The Mudcat Café TM
Thread #123431   Message #2727250
Posted By: Jim Carroll
20-Sep-09 - 09:12 AM
Thread Name: What is The Tradition?
Subject: RE: What is The Tradition?
"open vitriol of Jim Carroll," =
P'OB
"And thus we find the Sycophantic Mollusc leaving his wretchedly non-constructive divisive slime-trail where e'er he slithers"
PO'B
"folkies are a bunch of complete C-words after all"   
Glueman
Facts
Ballads like Barbara Allen, (described by Pepys in the middle of the 17th century as "that old Scotch song") have been passed from singer to singer throughout the English speaking world for around four centuries.

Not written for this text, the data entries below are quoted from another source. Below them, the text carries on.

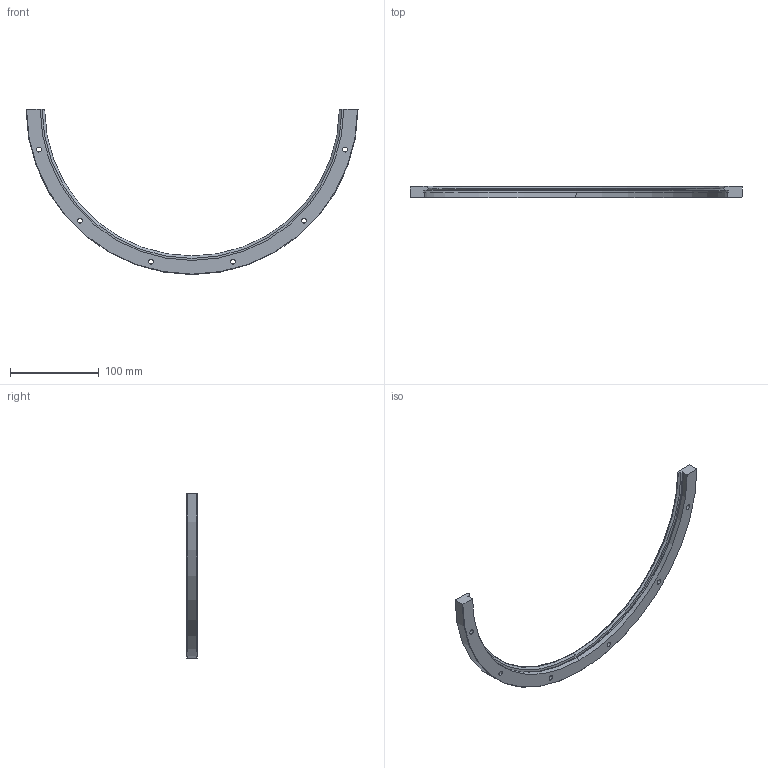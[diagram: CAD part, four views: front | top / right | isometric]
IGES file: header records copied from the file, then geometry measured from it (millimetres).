
Start section: 3D InterOp IGES (v. 2020 1.0.1), Spatial Corp. Copyright (c) 1999-2017.
Global section: file name: ris_374_r180.igs; native system: Spatial Corp.; preprocessor: 3D InterOp ACIS/IGES; author: TraceParts; organization: TraceParts S.A.; date: 20220624.062034; units: millimetre
Bounding box: 373.99 x 12.25 x 186 mm (x, y, z)
Surface area: 37518.6 mm2 (no closed solid volume)
Topology: 0 solids, 0 shells, 54 faces, 266 edges, 266 vertices
Faces by surface type: revolution 42, extrusion 12

Ancient ballads like The Blind Beggar (early 17th century) have been discovered in the repertoires of non-lterate Traveller singers whittled down from unsingable epics to 6-7-8 beautifully concise versions.
The Unfortunate Rake is not only to be found in hundreds of versions, but has divided into two distinct types, 'The Bad Girl's Lament' and 'The Unfortunate Rake'.
Fifty plus of Child's 'English and Scottish Popular Ballads' have been recorded from field singers, (Travellers, small farmers, land labourers, - rural and urban workers in general) in hundreds of distinct versions in the Irish Republic over the last 40 years.
Irish Traveller (Wexford) singers from the same family have been found to have at least half-a-dozen DISTINCTLY DIFFERENT versions of The Outlandish Knight, (probably the most popular ballad in that community).
Ballads such as Johnny Scott, The Maid and the Palmer, Sweet William and Fair Margaret, The Demon Lover, Prince Robert...... many more long disappeared from the British repertoire have been discovered in Ireland.
Songs transmitted via the oral tradition invariably take on the characteristics of the area where they move to, occupationally, socially and geographically. The names of the characters withing the songs change constantly and the as do the locations.
Relatively new ANONYMOUS songs (within the lifetimes of the singers, and sometimes within as little as five years of the event described in the song) have been recorded from both Travellers and rural Irish singers.
We have oral descriptions of singers and storytellers (Traveller and settled) passing on their songs and stories and some time later hearing them in multi-versions.
The FACT that there exists a massive repertoire of songs for whom the composers, and even the geographical origins is unknown is totally unprecedented, certainly in the western world.
Explain any of these and you might have covered the foothills of the mountain that is the oral folk tradition.